The utility model relates to artillery shells with controlled remote initiation of an explosion from an external source. Managed initiation artillery ammunition, including a housing, filling, fuse, containing a converter, safety and actuating mechanisms, and a fuse remote control unit connected to a power source as part of a serial receiver of a time code with a decoder and a delay device. What is new is that the housing contains a small-caliber projectile speed sensor, made primarily in the form of a magnetometer interacting with the Earth’s magnetic field, which, through a receiver connected to the decoder, has a predetermined number of pulses connected to a delay device, which contains two controlled by a decoder a generator, a switch in the signal processing lines, closed to the counter for undermining the time, one through a divider, and the other after two consecutive emy "AND" closed counter dimensional interval, wherein the two lines are connected through a common register with the comparison circuit, the small-caliber projectile speed sensor connected to the first of the series connected circuits "AND" delay unit. The proposed technical solution allows you to indirectly determine the actual initial velocity of each projectile, according to which it is adequate to automatically adjust the distance (time) of fuse initiation, which reduces the error in the range of the projectile explosion.

Description

The utility model relates to artillery shells with controlled remote initiation of an explosion from exposure to radiation from an external source.

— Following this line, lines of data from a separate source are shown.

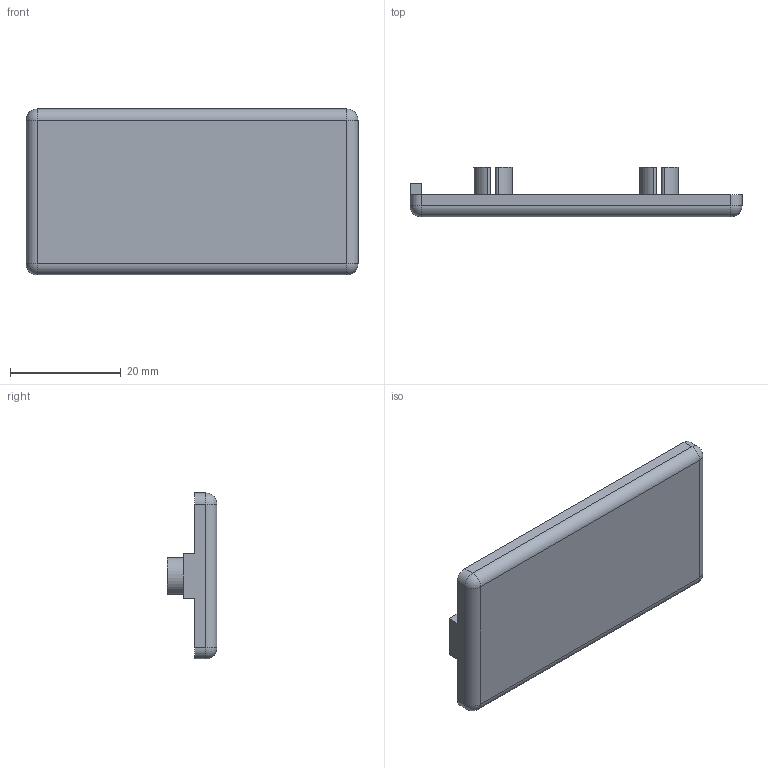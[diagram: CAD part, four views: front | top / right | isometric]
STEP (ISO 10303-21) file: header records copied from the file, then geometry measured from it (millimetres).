
FILE_DESCRIPTION (( 'STEP AP214' ), '1' );
FILE_NAME ('4008.STEP', '2017-08-10T06:14:42', ( '' ), ( '' ), 'SwSTEP 2.0', 'SolidWorks 2014', '' );
FILE_SCHEMA (( 'AUTOMOTIVE_DESIGN' ));
Length unit declared in the file: millimetre
Products named in the file (2): 4008
Bounding box: 60 x 9 x 30 mm (x, y, z)
Volume: 4395.6 mm3; surface area: 5014.7 mm2
Topology: 1 solids, 1 shells, 70 faces, 184 edges, 116 vertices
Faces by surface type: cylinder 40, plane 26, sphere 4
Entity records: 2197 total; most frequent: DIRECTION 404, CARTESIAN_POINT 368, ORIENTED_EDGE 360, EDGE_CURVE 180, AXIS2_PLACEMENT_3D 152, VERTEX_POINT 116, LINE 100, VECTOR 100

The level of this technical field is characterized by an artillery shell with combined initiation of detonation described in patent RU 2135947, F 42 B 15/01, 1999, which contains a housing, filling, fuse, including a converter, safety and actuating mechanisms, as well as associated with the source power supply fuse remote control as part of a serial receiver of a time code, a decoder and a delay device.

Between the remote control unit and the standard fuse containing the piezoelectric transducer, an additional shock pulse generator is installed, made in the form of an electric detonator, the operation of which upon the command of the temporary deceleration device in the projectile body excites the shock wave transmitted to the piezoelectric transducer of the fuse. The shock impulse created by the electric detonator at a given point in the projectile’s flight path is equivalent to the impulse from a standard element during contact operation, which determines the identity of the operation of the detonation circuit in different initiation modes.

This munition is characterized by a universal filling detonation mechanism, which is initiated from a shock when meeting with a target under the influence of inertia forces on a piezoelectric transducer, and also alternatively: from a shock pulse of a simulator of a similar meeting from an autonomous electric detonator, triggered by an external coded control command containing information about the detonation time converted to a standard executive signal after a delay time.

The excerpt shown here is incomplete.